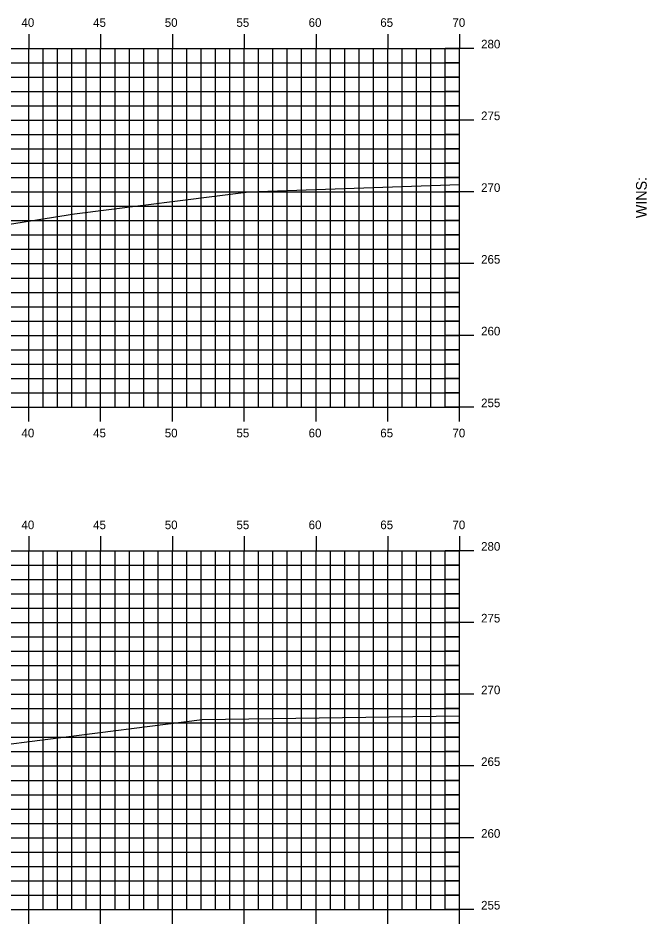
# Model space of a CAD drawing. Extents: x 1170543 to 1177585, y 609599 to 610623.
# Drawn here: x 1176653.2 to 1176696.9, y 610306.8 to 610369.9 of the extents above; entities that cross this region are included whole.
import ezdxf

# ---------------------------------------------------------------- set-up
doc = ezdxf.new("R2010")
doc.units = 0
for name, color, linetype in [('BORDER', 7, 'Continuous'), ('H_V ANNOTATION', 7, 'Continuous'), ('MAJOR', 7, 'Continuous'), ('MINOR', 7, 'Continuous'), ('S_Roadway_Centerline', 7, 'Continuous')]:
    doc.layers.add(name, color=color, linetype=linetype)

msp = doc.modelspace()

# ---------------------------------------------------------------- linework, layer by layer
at = {"layer": 'MAJOR'}
for p, q in [((1176653.898, 610368.803), (1176653.898, 610367.801)), ((1176658.898, 610368.803), (1176658.898, 610367.801)), ((1176663.898, 610368.803), (1176663.898, 610367.801)), ((1176668.898, 610368.803), (1176668.898, 610367.801)), ((1176673.898, 610368.803), (1176673.898, 610367.801)), ((1176678.898, 610368.803), (1176678.898, 610367.801)), ((1176683.898, 610368.803), (1176683.898, 610367.801)), ((1176543.898, 610367.801), (1176683.898, 610367.801)), ((1176543.898, 610367.801), (1176683.898, 610367.801)), ((1176653.898, 610342.801), (1176653.898, 610367.801)), ((1176658.898, 610342.801), (1176658.898, 610367.801)), ((1176663.898, 610342.801), (1176663.898, 610367.801)), ((1176668.898, 610342.801), (1176668.898, 610367.801)), ((1176673.898, 610342.801), (1176673.898, 610367.801)), ((1176678.898, 610342.801), (1176678.898, 610367.801)), ((1176684.9, 610367.801), (1176682.896, 610367.801)), ((1176683.898, 610342.801), (1176683.898, 610367.801)), ((1176683.898, 610342.801), (1176683.898, 610367.801)), ((1176543.898, 610362.801), (1176683.898, 610362.801)), ((1176684.9, 610362.801), (1176682.896, 610362.801)), ((1176543.898, 610357.801), (1176683.898, 610357.801)), ((1176684.9, 610357.801), (1176682.896, 610357.801)), ((1176543.898, 610352.801), (1176683.898, 610352.801)), ((1176684.9, 610352.801), (1176682.896, 610352.801)), ((1176543.898, 610347.801), (1176683.898, 610347.801)), ((1176684.9, 610347.801), (1176682.896, 610347.801)), ((1176543.898, 610342.801), (1176683.898, 610342.801)), ((1176543.898, 610342.801), (1176683.898, 610342.801)), ((1176653.898, 610341.799), (1176653.898, 610342.801)), ((1176658.898, 610341.799), (1176658.898, 610342.801)), ((1176663.898, 610341.799), (1176663.898, 610342.801)), ((1176668.898, 610341.799), (1176668.898, 610342.801)), ((1176673.898, 610341.799), (1176673.898, 610342.801)), ((1176678.898, 610341.799), (1176678.898, 610342.801)), ((1176684.9, 610342.801), (1176682.896, 610342.801)), ((1176683.898, 610341.799), (1176683.898, 610342.801)), ((1176653.898, 610333.803), (1176653.898, 610332.801)), ((1176658.898, 610333.803), (1176658.898, 610332.801)), ((1176663.898, 610333.803), (1176663.898, 610332.801)), ((1176668.898, 610333.803), (1176668.898, 610332.801)), ((1176673.898, 610333.803), (1176673.898, 610332.801)), ((1176678.898, 610333.803), (1176678.898, 610332.801)), ((1176683.898, 610333.803), (1176683.898, 610332.801)), ((1176543.898, 610332.801), (1176683.898, 610332.801)), ((1176543.898, 610332.801), (1176683.898, 610332.801)), ((1176653.898, 610307.801), (1176653.898, 610332.801)), ((1176658.898, 610307.801), (1176658.898, 610332.801)), ((1176663.898, 610307.801), (1176663.898, 610332.801)), ((1176668.898, 610307.801), (1176668.898, 610332.801)), ((1176673.898, 610307.801), (1176673.898, 610332.801)), ((1176678.898, 610307.801), (1176678.898, 610332.801)), ((1176684.9, 610332.801), (1176682.896, 610332.801)), ((1176683.898, 610307.801), (1176683.898, 610332.801)), ((1176683.898, 610307.801), (1176683.898, 610332.801)), ((1176543.898, 610327.801), (1176683.898, 610327.801)), ((1176684.9, 610327.801), (1176682.896, 610327.801)), ((1176543.898, 610322.801), (1176683.898, 610322.801)), ((1176684.9, 610322.801), (1176682.896, 610322.801)), ((1176543.898, 610317.801), (1176683.898, 610317.801)), ((1176684.9, 610317.801), (1176682.896, 610317.801)), ((1176543.898, 610312.801), (1176683.898, 610312.801)), ((1176684.9, 610312.801), (1176682.896, 610312.801)), ((1176543.898, 610307.801), (1176683.898, 610307.801)), ((1176543.898, 610307.801), (1176683.898, 610307.801)), ((1176653.898, 610306.799), (1176653.898, 610307.801)), ((1176658.898, 610306.799), (1176658.898, 610307.801)), ((1176663.898, 610306.799), (1176663.898, 610307.801)), ((1176668.898, 610306.799), (1176668.898, 610307.801)), ((1176673.898, 610306.799), (1176673.898, 610307.801)), ((1176678.898, 610306.799), (1176678.898, 610307.801)), ((1176684.9, 610307.801), (1176682.896, 610307.801)), ((1176683.898, 610306.799), (1176683.898, 610307.801))]:
    msp.add_line(p, q, dxfattribs=at)
at = {"layer": 'MINOR'}
for p, q in [((1176654.898, 610342.801), (1176654.898, 610367.801)), ((1176655.898, 610342.801), (1176655.898, 610367.801)), ((1176656.898, 610342.801), (1176656.898, 610367.801)), ((1176657.898, 610342.801), (1176657.898, 610367.801)), ((1176659.898, 610342.801), (1176659.898, 610367.801)), ((1176660.898, 610342.801), (1176660.898, 610367.801)), ((1176661.898, 610342.801), (1176661.898, 610367.801)), ((1176662.898, 610342.801), (1176662.898, 610367.801)), ((1176664.898, 610342.801), (1176664.898, 610367.801)), ((1176665.898, 610342.801), (1176665.898, 610367.801)), ((1176666.898, 610342.801), (1176666.898, 610367.801)), ((1176667.898, 610342.801), (1176667.898, 610367.801)), ((1176669.898, 610342.801), (1176669.898, 610367.801)), ((1176670.898, 610342.801), (1176670.898, 610367.801)), ((1176671.898, 610342.801), (1176671.898, 610367.801)), ((1176672.898, 610342.801), (1176672.898, 610367.801)), ((1176674.898, 610342.801), (1176674.898, 610367.801)), ((1176675.898, 610342.801), (1176675.898, 610367.801)), ((1176676.898, 610342.801), (1176676.898, 610367.801)), ((1176677.898, 610342.801), (1176677.898, 610367.801)), ((1176679.898, 610342.801), (1176679.898, 610367.801)), ((1176680.898, 610342.801), (1176680.898, 610367.801)), ((1176681.898, 610342.801), (1176681.898, 610367.801)), ((1176682.898, 610342.801), (1176682.898, 610367.801)), ((1176543.898, 610366.801), (1176683.898, 610366.801)), ((1176683.898, 610366.801), (1176682.896, 610366.801)), ((1176543.898, 610365.801), (1176683.898, 610365.801)), ((1176683.898, 610365.801), (1176682.896, 610365.801)), ((1176543.898, 610364.801), (1176683.898, 610364.801)), ((1176683.898, 610364.801), (1176682.896, 610364.801)), ((1176543.898, 610363.801), (1176683.898, 610363.801)), ((1176683.898, 610363.801), (1176682.896, 610363.801)), ((1176543.898, 610361.801), (1176683.898, 610361.801)), ((1176683.898, 610361.801), (1176682.896, 610361.801)), ((1176543.898, 610360.801), (1176683.898, 610360.801)), ((1176683.898, 610360.801), (1176682.896, 610360.801)), ((1176543.898, 610359.801), (1176683.898, 610359.801)), ((1176683.898, 610359.801), (1176682.896, 610359.801)), ((1176543.898, 610358.801), (1176683.898, 610358.801)), ((1176683.898, 610358.801), (1176682.896, 610358.801)), ((1176543.898, 610356.801), (1176683.898, 610356.801)), ((1176683.898, 610356.801), (1176682.896, 610356.801)), ((1176543.898, 610355.801), (1176683.898, 610355.801)), ((1176683.898, 610355.801), (1176682.896, 610355.801)), ((1176543.898, 610354.801), (1176683.898, 610354.801)), ((1176683.898, 610354.801), (1176682.896, 610354.801)), ((1176543.898, 610353.801), (1176683.898, 610353.801)), ((1176683.898, 610353.801), (1176682.896, 610353.801)), ((1176543.898, 610351.801), (1176683.898, 610351.801)), ((1176683.898, 610351.801), (1176682.896, 610351.801)), ((1176543.898, 610350.801), (1176683.898, 610350.801)), ((1176683.898, 610350.801), (1176682.896, 610350.801)), ((1176543.898, 610349.801), (1176683.898, 610349.801)), ((1176683.898, 610349.801), (1176682.896, 610349.801)), ((1176543.898, 610348.801), (1176683.898, 610348.801)), ((1176683.898, 610348.801), (1176682.896, 610348.801)), ((1176543.898, 610346.801), (1176683.898, 610346.801)), ((1176683.898, 610346.801), (1176682.896, 610346.801)), ((1176543.898, 610345.801), (1176683.898, 610345.801)), ((1176683.898, 610345.801), (1176682.896, 610345.801)), ((1176543.898, 610344.801), (1176683.898, 610344.801)), ((1176683.898, 610344.801), (1176682.896, 610344.801)), ((1176543.898, 610343.801), (1176683.898, 610343.801)), ((1176683.898, 610343.801), (1176682.896, 610343.801)), ((1176654.898, 610307.801), (1176654.898, 610332.801)), ((1176655.898, 610307.801), (1176655.898, 610332.801)), ((1176656.898, 610307.801), (1176656.898, 610332.801)), ((1176657.898, 610307.801), (1176657.898, 610332.801)), ((1176659.898, 610307.801), (1176659.898, 610332.801)), ((1176660.898, 610307.801), (1176660.898, 610332.801)), ((1176661.898, 610307.801), (1176661.898, 610332.801)), ((1176662.898, 610307.801), (1176662.898, 610332.801)), ((1176664.898, 610307.801), (1176664.898, 610332.801)), ((1176665.898, 610307.801), (1176665.898, 610332.801)), ((1176666.898, 610307.801), (1176666.898, 610332.801)), ((1176667.898, 610307.801), (1176667.898, 610332.801)), ((1176669.898, 610307.801), (1176669.898, 610332.801)), ((1176670.898, 610307.801), (1176670.898, 610332.801)), ((1176671.898, 610307.801), (1176671.898, 610332.801)), ((1176672.898, 610307.801), (1176672.898, 610332.801)), ((1176674.898, 610307.801), (1176674.898, 610332.801)), ((1176675.898, 610307.801), (1176675.898, 610332.801)), ((1176676.898, 610307.801), (1176676.898, 610332.801)), ((1176677.898, 610307.801), (1176677.898, 610332.801)), ((1176679.898, 610307.801), (1176679.898, 610332.801)), ((1176680.898, 610307.801), (1176680.898, 610332.801)), ((1176681.898, 610307.801), (1176681.898, 610332.801)), ((1176682.898, 610307.801), (1176682.898, 610332.801)), ((1176543.898, 610331.801), (1176683.898, 610331.801)), ((1176683.898, 610331.801), (1176682.896, 610331.801)), ((1176543.898, 610330.801), (1176683.898, 610330.801)), ((1176683.898, 610330.801), (1176682.896, 610330.801)), ((1176543.898, 610329.801), (1176683.898, 610329.801)), ((1176683.898, 610329.801), (1176682.896, 610329.801)), ((1176543.898, 610328.801), (1176683.898, 610328.801)), ((1176683.898, 610328.801), (1176682.896, 610328.801)), ((1176543.898, 610326.801), (1176683.898, 610326.801)), ((1176683.898, 610326.801), (1176682.896, 610326.801)), ((1176543.898, 610325.801), (1176683.898, 610325.801)), ((1176683.898, 610325.801), (1176682.896, 610325.801)), ((1176543.898, 610324.801), (1176683.898, 610324.801)), ((1176683.898, 610324.801), (1176682.896, 610324.801)), ((1176543.898, 610323.801), (1176683.898, 610323.801)), ((1176683.898, 610323.801), (1176682.896, 610323.801)), ((1176543.898, 610321.801), (1176683.898, 610321.801)), ((1176683.898, 610321.801), (1176682.896, 610321.801)), ((1176543.898, 610320.801), (1176683.898, 610320.801)), ((1176683.898, 610320.801), (1176682.896, 610320.801)), ((1176543.898, 610319.801), (1176683.898, 610319.801)), ((1176683.898, 610319.801), (1176682.896, 610319.801)), ((1176543.898, 610318.801), (1176683.898, 610318.801)), ((1176683.898, 610318.801), (1176682.896, 610318.801)), ((1176543.898, 610316.801), (1176683.898, 610316.801)), ((1176683.898, 610316.801), (1176682.896, 610316.801)), ((1176543.898, 610315.801), (1176683.898, 610315.801)), ((1176683.898, 610315.801), (1176682.896, 610315.801)), ((1176543.898, 610314.801), (1176683.898, 610314.801)), ((1176683.898, 610314.801), (1176682.896, 610314.801)), ((1176543.898, 610313.801), (1176683.898, 610313.801)), ((1176683.898, 610313.801), (1176682.896, 610313.801)), ((1176543.898, 610311.801), (1176683.898, 610311.801)), ((1176683.898, 610311.801), (1176682.896, 610311.801)), ((1176543.898, 610310.801), (1176683.898, 610310.801)), ((1176683.898, 610310.801), (1176682.896, 610310.801)), ((1176543.898, 610309.801), (1176683.898, 610309.801)), ((1176683.898, 610309.801), (1176682.896, 610309.801)), ((1176543.898, 610308.801), (1176683.898, 610308.801)), ((1176683.898, 610308.801), (1176682.896, 610308.801))]:
    msp.add_line(p, q, dxfattribs=at)
at = {"layer": 'S_Roadway_Centerline'}
for points in [[(1176609.213, 610358.637), (1176611.353, 610358.595), (1176614.219, 610358.54), (1176616.12, 610358.493), (1176619.225, 610358.416), (1176620.888, 610358.366), (1176624.232, 610358.264), (1176626.807, 610358.162), (1176626.995, 610358.155), (1176627.057, 610358.152), (1176627.583, 610358.076), (1176628.422, 610357.955), (1176633.893, 610356.932), (1176645.24, 610354.395), (1176657.074, 610356.27), (1176669.21, 610357.804), (1176683.898, 610358.317)], [(1176608.648, 610322.928), (1176611.394, 610322.872), (1176613.364, 610322.823), (1176616.403, 610322.744), (1176618.08, 610322.696), (1176621.413, 610322.599), (1176623.833, 610322.495), (1176624.081, 610322.485), (1176624.164, 610322.481), (1176624.743, 610322.34), (1176625.747, 610322.169), (1176633.83, 610320.308), (1176641.95, 610318.407), (1176651.361, 610319.183), (1176665.979, 610321.032), (1176683.898, 610321.302)]]:
    msp.add_lwpolyline(points, dxfattribs=at)

# ---------------------------------------------------------------- texts
at = {"layer": 'BORDER'}
msp.add_text('WINS:', height=0.7453, rotation=90, dxfattribs=at).set_placement((1176696.933, 610355.969))
at = {"layer": 'H_V ANNOTATION'}
for s, p in [('40', (1176653.384, 610369.301)), ('50', (1176663.363, 610369.301)), ('60', (1176673.384, 610369.301)), ('65', (1176678.376, 610369.301)), ('70', (1176683.4, 610369.301)), ('45', (1176658.376, 610369.301)), ('55', (1176668.355, 610369.301)), ('280', (1176685.398, 610367.801)), ('275', (1176685.398, 610362.801)), ('270', (1176685.398, 610357.801)), ('265', (1176685.398, 610352.801)), ('260', (1176685.398, 610347.801)), ('255', (1176685.398, 610342.801)), ('40', (1176653.384, 610340.701)), ('45', (1176658.376, 610340.701)), ('50', (1176663.363, 610340.701)), ('55', (1176668.355, 610340.701)), ('60', (1176673.384, 610340.701)), ('65', (1176678.376, 610340.701)), ('70', (1176683.4, 610340.701)), ('40', (1176653.384, 610334.301)), ('45', (1176658.376, 610334.301)), ('50', (1176663.363, 610334.301)), ('55', (1176668.355, 610334.301)), ('60', (1176673.384, 610334.301)), ('65', (1176678.376, 610334.301)), ('70', (1176683.4, 610334.301)), ('280', (1176685.398, 610332.801)), ('275', (1176685.398, 610327.801)), ('270', (1176685.398, 610322.801)), ('265', (1176685.398, 610317.801)), ('260', (1176685.398, 610312.801)), ('255', (1176685.398, 610307.801))]:
    msp.add_text(s, height=0.6, dxfattribs=at).set_placement(p)

doc.saveas('drawing.dxf')

::::

WORK TASK –
Only lines with the word "BORDER" should be collected from the material.

OUTPUT BELOW –
for name, color, linetype in [('BORDER', 7, 'Continuous'), ('H_V ANNOTATION', 7, 'Continuous'), ('MAJOR', 7, 'Continuous'), ('MINOR', 7, 'Continuous'), ('S_Roadway_Centerline', 7, 'Continuous')]:
at = {"layer": 'BORDER'}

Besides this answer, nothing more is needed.